MicroRNA-146a Induces Lineage-Negative Bone Marrow Cell Apoptosis and Senescence by Targeting Polo-Like Kinase 2 Expression

Objective— Lineage-negative bone marrow cells (lin− BMCs) are enriched in endothelial progenitor cells and mediate vascular repair. Aging-associated senescence and apoptosis result in reduced number and functionality of lin− BMCs, impairing their prorepair capacity. The molecular mechanisms underlying lin− BMC senescence and apoptosis are poorly understood. MicroRNAs (miRNAs) regulate many important biological processes. The identification of miRNA-mRNA networks that modulate the health and functionality of lin− BMCs is a critical step in understanding the process of vascular repair. The aim of this study was to characterize the role of the miR-146a–Polo-like kinase 2 (Plk2) network in regulating lin− BMC senescence, apoptosis, and their angiogenic capability.

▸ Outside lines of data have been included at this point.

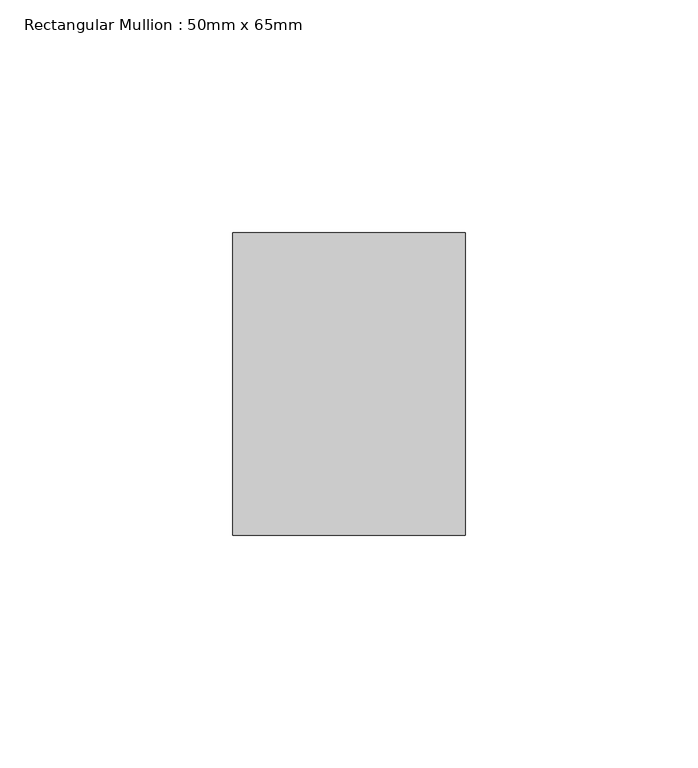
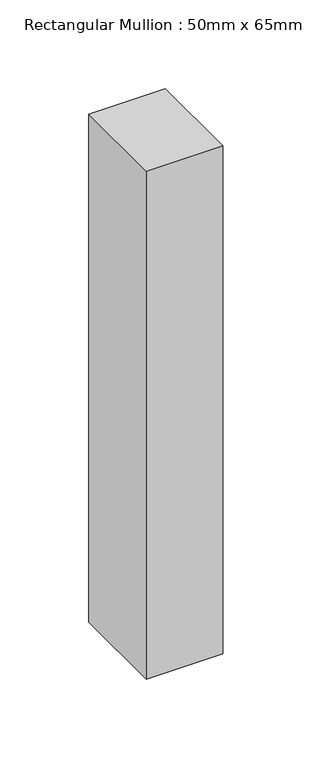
"""IFC4 building model written with IfcOpenShell, lengths in millimetres: member geometry, Rectangular Mullion : 50mm x 65mm."""

from ifc_helpers import new_model, si_unit, frame, origin, place, context, project, spatial, polyline, outline, extrude, source, transform, mapped, element, save


def rectangular_mullion_50mm_x_65mm_badf7e47(model_context):
    return source(origin(), model_context, "Body", "SweptSolid", [
        extrude(outline(polyline([(0.0, 32.5), (0.0, -32.5), (-50.0, -32.5), (-50.0, 32.5), (0.0, 32.5)])), frame((0.0, 0.0, -350.0), z_axis=(0.0, 0.0, 1.0), x_axis=(1.0, 0.0, 0.0)), (0.0, 0.0, 1.0), 350.0),
    ])


if __name__ == "__main__":
    model = new_model("IFC4")
    model_context = context("Model", 3, world=origin())
    ifc_project = project(units=[si_unit("LENGTHUNIT", "METRE", prefix="MILLI")], contexts=[model_context])
    site = spatial("IfcSite", under=ifc_project)
    building = spatial("IfcBuilding", under=site)
    placement = place(None, origin())
    rectangular_mullion_50mm_x_65mm_shape = rectangular_mullion_50mm_x_65mm_badf7e47(model_context)
    element("IfcMember", 1, ObjectType="Rectangular Mullion : 50mm x 65mm", at=placement, inside=building, context=model_context, shape_type="MappedRepresentation", body=[
        mapped(rectangular_mullion_50mm_x_65mm_shape, transform((0.0, 0.0, 0.0), x_axis=(1.0, 0.0, 0.0), y_axis=(0.0, 1.0, 0.0), z_axis=(0.0, 0.0, 1.0))),
    ])
    save(model, "model.ifc")
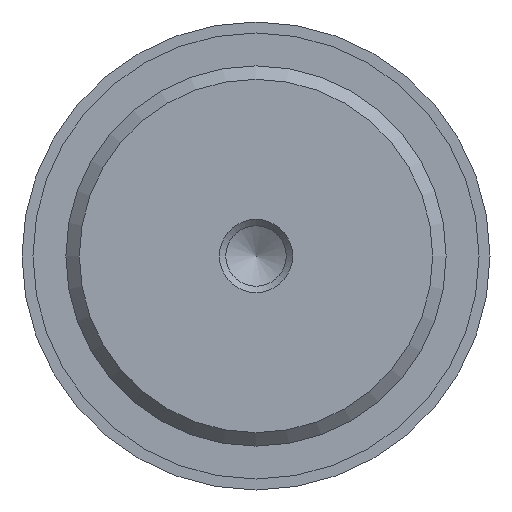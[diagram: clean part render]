
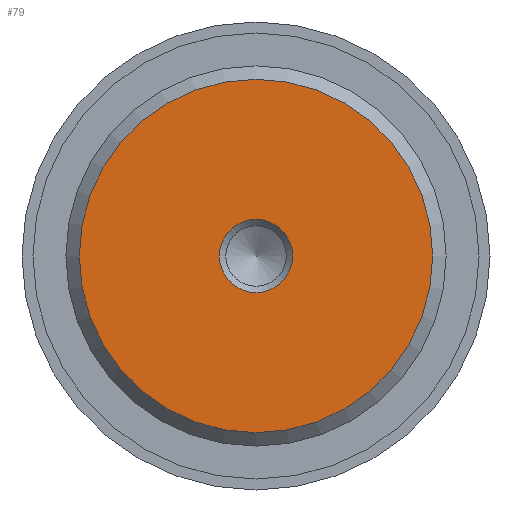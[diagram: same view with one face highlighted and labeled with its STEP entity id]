
A CAD part, front view. The second image highlights one B-rep face of the part: STEP entity #79.
In plain terms, the highlighted planar face has unit normal (0, -1, 0).
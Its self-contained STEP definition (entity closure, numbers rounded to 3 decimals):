
#79 = ADVANCED_FACE( '', ( #123, #124 ), #125, .F. );
#123 = FACE_BOUND( '', #206, .T. );
#124 = FACE_OUTER_BOUND( '', #207, .T. );
#125 = PLANE( '', #208 );
#206 = EDGE_LOOP( '', ( #303 ) );
#207 = EDGE_LOOP( '', ( #304 ) );
#208 = AXIS2_PLACEMENT_3D( '', #305, #306, #307 );
#303 = ORIENTED_EDGE( '', *, *, #522, .F. );
#304 = ORIENTED_EDGE( '', *, *, #526, .T. );
#305 = CARTESIAN_POINT( '', ( 12.08, 0., 0. ) );
#306 = DIRECTION( '', ( 0., 1., 0. ) );
#307 = DIRECTION( '', ( 0., 0., 1. ) );
#522 = EDGE_CURVE( '', #594, #594, #595, .T. );
#526 = EDGE_CURVE( '', #600, #600, #601, .T. );
#594 = VERTEX_POINT( '', #715 );
#595 = CIRCLE( '', #716, 2.5 );
#600 = VERTEX_POINT( '', #721 );
#601 = CIRCLE( '', #722, 12.08 );
#715 = CARTESIAN_POINT( '', ( 2.5, 0., 0. ) );
#716 = AXIS2_PLACEMENT_3D( '', #901, #902, #903 );
#721 = CARTESIAN_POINT( '', ( 0., 0., -12.08 ) );
#722 = AXIS2_PLACEMENT_3D( '', #910, #911, #912 );
#901 = CARTESIAN_POINT( '', ( 0., 0., 0. ) );
#902 = DIRECTION( '', ( 0., -1., 0. ) );
#903 = DIRECTION( '', ( 1., 0., 0. ) );
#910 = CARTESIAN_POINT( '', ( 0., 0., 0. ) );
#911 = DIRECTION( '', ( 0., -1., 0. ) );
#912 = DIRECTION( '', ( 0., 0., -1. ) );

Approach and Results— Transcriptome analysis in lin− BMCs isolated from young and aged wild-type and ApoE −/− (apolipoprotein E) mice showed a significant age-associated increase in miR-146a expression. In silico analysis, expression study and Luciferase reporter assay established Plk2 as a direct target of miR-146a. miR-146a overexpression in young lin− BMCs inhibited Plk2 expression, resulting in increased senescence and apoptosis, via p16Ink4a/p19Arf and p53, respectively, as well as impaired angiogenic capacity in vitro and in vivo. Conversely, suppression of miR-146a in aged lin− BMCs increased Plk2 expression and rejuvenated lin− BMCs, resulting in decreased senescence and apoptosis, leading to improved angiogenesis. Conclusions— (1) miR-146a regulates lin− BMC senescence and apoptosis by suppressing Plk2 expression that, in turn, activates p16Ink4a/p19Arf and p53 and (2) modulation of miR-146a or its target Plk2 may represent a potential therapeutic intervention to improve lin− BMC–mediated angiogenesis and vascular repair.